Вот таким длинным получился ответ на ваш вопрос. И дела не в том, кто «пришел к власти», просто наступила наш черед преподавать, и, в конце концов, нужно стараться учить студентов с усердием и талантом. А студенты стали другими. У нас дистанция в отношениях с преподавателями была несравненно большей. Это чувствуется даже в мелочах. Например, к моему сожалению, у наших студентов не принято вставать, когда входит преподаватель. Вещь в наше время невозможная. Войти в аудиторию минут через двадцать после начала – «свободное дело», как говорил Андрей Платонов. Но важнее другое: студенты спорят с преподавателем, требуют убедительных доводов, сомневаются. Им нельзя ничего навязать.
Хорошо это или плохо? Стало ли лучше? Мне кажется, стало лучше. Думаю, что свобода всегда лучше несвободы. А они теперь внутренне гораздо свободнее, чем были мы. Да, иногда они этой свободой пользуются по-глупому, не понимая, что полгода прогуляв, трудно будет восполнить упущенное. Но нас переписывали на каждой лекции, и всё равно мы гуляли. Они, наши студенты, хорошие, просто замечательные, интересующиеся, внутренне очень раскованные и раскрепощённые. Это, конечно, очень радостный итог недолгих лет преподавания.

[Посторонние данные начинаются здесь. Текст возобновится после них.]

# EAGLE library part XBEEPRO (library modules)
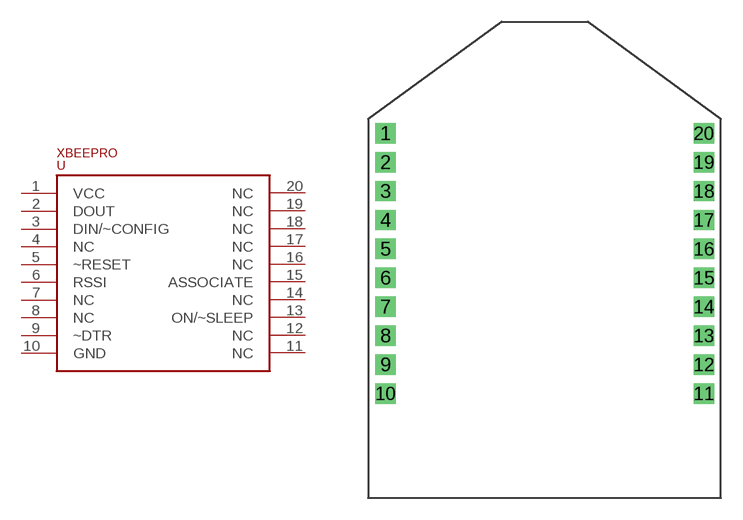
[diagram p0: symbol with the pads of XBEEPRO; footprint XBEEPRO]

Designator prefix U

## XBEEPRO  [XBEEPRO]
1  VCC
2  DOUT
3  DIN/~CONFIG
4  NC
5  ~RESET
6  RSSI
7  NC
8  NC
9  ~DTR
10  GND
11  NC
12  NC
13  ON/~SLEEP
14  NC
15  ASSOCIATE
16  NC
17  NC
18  NC
19  NC
20  NC

## Footprint XBEEPRO (pad centres in mm)
drill 0.9 square: 1 0,0; 2 0,-2; 3 0,-4; 4 0,-6; 5 0,-8; 6 0,-10; 7 0,-12; 8 0,-14; 9 0,-16; 10 0,-18; 11 22,-18; 12 22,-16; 13 22,-14; 14 22,-12; 15 22,-10; 16 22,-8; 17 22,-6; 18 22,-4; 19 22,-2; 20 22,0

Б.Д.: Чем по типажу отличается студент ИВКА от других студентов РГГУ или каких-то других? Можно ли их выделить? Не обижая кого-то, естественно же, что не может не быть отличий.
И.С.: Вы знаете, мне трудно указать какие-то различия. Интуитивно я понимаю, что они есть, но это, скорее, не отличие студента нашего института от студентов других факультетов, сколько это традиционное отличие (причём не только в России) студента-востоковеда, студента-античника от студентов других факультетов. Ведь недаром же в большинстве университетов восточный институт выделен, так или иначе, институционально или топографически в более автономное, чем прочие факультеты, учреждение. ИВЯ даже назывался «при МГУ». School of Oriental and African Studies of London University – тоже отдельное и здание и институция. Счастливый переход от школы к студенческому развесёлому существованию здесь в значительной степени отсутствует. Те, кто пытаются предаться студенческой вольнице, быстро оказываются на обочине. Не хочу сказать, что здесь более серьёзные студенты, но два-три восточных языка или древнегреческий с латынью просто понуждают к ежедневному труду, прилежанию, самодисциплине.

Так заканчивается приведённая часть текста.